• WHAT IS BEING ASKED
All lines of the material should be given again exactly.

====== ENTRIES SHOWN

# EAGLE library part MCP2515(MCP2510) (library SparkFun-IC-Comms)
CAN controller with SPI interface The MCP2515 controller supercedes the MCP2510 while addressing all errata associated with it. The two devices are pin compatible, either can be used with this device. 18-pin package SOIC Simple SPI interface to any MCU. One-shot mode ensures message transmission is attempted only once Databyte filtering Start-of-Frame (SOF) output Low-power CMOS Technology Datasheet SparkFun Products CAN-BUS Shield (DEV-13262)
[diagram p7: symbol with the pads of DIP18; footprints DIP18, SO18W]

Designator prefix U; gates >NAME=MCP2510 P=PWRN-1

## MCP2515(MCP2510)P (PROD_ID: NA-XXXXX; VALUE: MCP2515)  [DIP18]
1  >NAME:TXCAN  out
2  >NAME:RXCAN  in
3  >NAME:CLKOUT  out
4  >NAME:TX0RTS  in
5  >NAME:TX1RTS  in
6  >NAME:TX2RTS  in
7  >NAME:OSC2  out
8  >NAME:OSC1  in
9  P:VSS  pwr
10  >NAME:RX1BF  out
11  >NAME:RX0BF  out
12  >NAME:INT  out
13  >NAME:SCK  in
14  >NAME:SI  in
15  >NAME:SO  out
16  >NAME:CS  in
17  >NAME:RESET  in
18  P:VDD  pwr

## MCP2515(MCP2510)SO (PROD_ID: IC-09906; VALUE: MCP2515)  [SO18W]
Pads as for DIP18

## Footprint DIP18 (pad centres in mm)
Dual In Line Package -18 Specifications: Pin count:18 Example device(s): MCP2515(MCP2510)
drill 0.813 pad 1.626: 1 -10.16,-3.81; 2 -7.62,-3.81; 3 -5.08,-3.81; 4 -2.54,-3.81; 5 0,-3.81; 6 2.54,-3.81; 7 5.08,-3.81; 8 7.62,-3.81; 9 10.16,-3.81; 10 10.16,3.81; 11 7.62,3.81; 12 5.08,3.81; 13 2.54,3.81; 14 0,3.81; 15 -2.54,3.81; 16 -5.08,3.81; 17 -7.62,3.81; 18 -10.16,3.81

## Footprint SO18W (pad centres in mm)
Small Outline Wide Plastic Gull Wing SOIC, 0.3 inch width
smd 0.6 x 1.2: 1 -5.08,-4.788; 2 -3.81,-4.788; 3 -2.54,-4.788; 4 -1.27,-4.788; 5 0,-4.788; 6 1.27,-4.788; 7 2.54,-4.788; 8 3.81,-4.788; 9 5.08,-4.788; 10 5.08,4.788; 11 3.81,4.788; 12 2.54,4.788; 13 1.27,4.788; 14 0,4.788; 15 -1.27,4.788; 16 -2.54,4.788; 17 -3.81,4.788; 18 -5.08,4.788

============

• ANSWER FOR THIS EXERCISE
# EAGLE library part MCP2515(MCP2510) (library SparkFun-IC-Comms)
CAN controller with SPI interface The MCP2515 controller supercedes the MCP2510 while addressing all errata associated with it. The two devices are pin compatible, either can be used with this device. 18-pin package SOIC Simple SPI interface to any MCU. One-shot mode ensures message transmission is attempted only once Databyte filtering Start-of-Frame (SOF) output Low-power CMOS Technology Datasheet SparkFun Products CAN-BUS Shield (DEV-13262)
[diagram p7: symbol with the pads of DIP18; footprints DIP18, SO18W]

Designator prefix U; gates >NAME=MCP2510 P=PWRN-1

## MCP2515(MCP2510)P (PROD_ID: NA-XXXXX; VALUE: MCP2515)  [DIP18]
1  >NAME:TXCAN  out
2  >NAME:RXCAN  in
3  >NAME:CLKOUT  out
4  >NAME:TX0RTS  in
5  >NAME:TX1RTS  in
6  >NAME:TX2RTS  in
7  >NAME:OSC2  out
8  >NAME:OSC1  in
9  P:VSS  pwr
10  >NAME:RX1BF  out
11  >NAME:RX0BF  out
12  >NAME:INT  out
13  >NAME:SCK  in
14  >NAME:SI  in
15  >NAME:SO  out
16  >NAME:CS  in
17  >NAME:RESET  in
18  P:VDD  pwr

## MCP2515(MCP2510)SO (PROD_ID: IC-09906; VALUE: MCP2515)  [SO18W]
Pads as for DIP18

## Footprint DIP18 (pad centres in mm)
Dual In Line Package -18 Specifications: Pin count:18 Example device(s): MCP2515(MCP2510)
drill 0.813 pad 1.626: 1 -10.16,-3.81; 2 -7.62,-3.81; 3 -5.08,-3.81; 4 -2.54,-3.81; 5 0,-3.81; 6 2.54,-3.81; 7 5.08,-3.81; 8 7.62,-3.81; 9 10.16,-3.81; 10 10.16,3.81; 11 7.62,3.81; 12 5.08,3.81; 13 2.54,3.81; 14 0,3.81; 15 -2.54,3.81; 16 -5.08,3.81; 17 -7.62,3.81; 18 -10.16,3.81

## Footprint SO18W (pad centres in mm)
Small Outline Wide Plastic Gull Wing SOIC, 0.3 inch width
smd 0.6 x 1.2: 1 -5.08,-4.788; 2 -3.81,-4.788; 3 -2.54,-4.788; 4 -1.27,-4.788; 5 0,-4.788; 6 1.27,-4.788; 7 2.54,-4.788; 8 3.81,-4.788; 9 5.08,-4.788; 10 5.08,4.788; 11 3.81,4.788; 12 2.54,4.788; 13 1.27,4.788; 14 0,4.788; 15 -1.27,4.788; 16 -2.54,4.788; 17 -3.81,4.788; 18 -5.08,4.788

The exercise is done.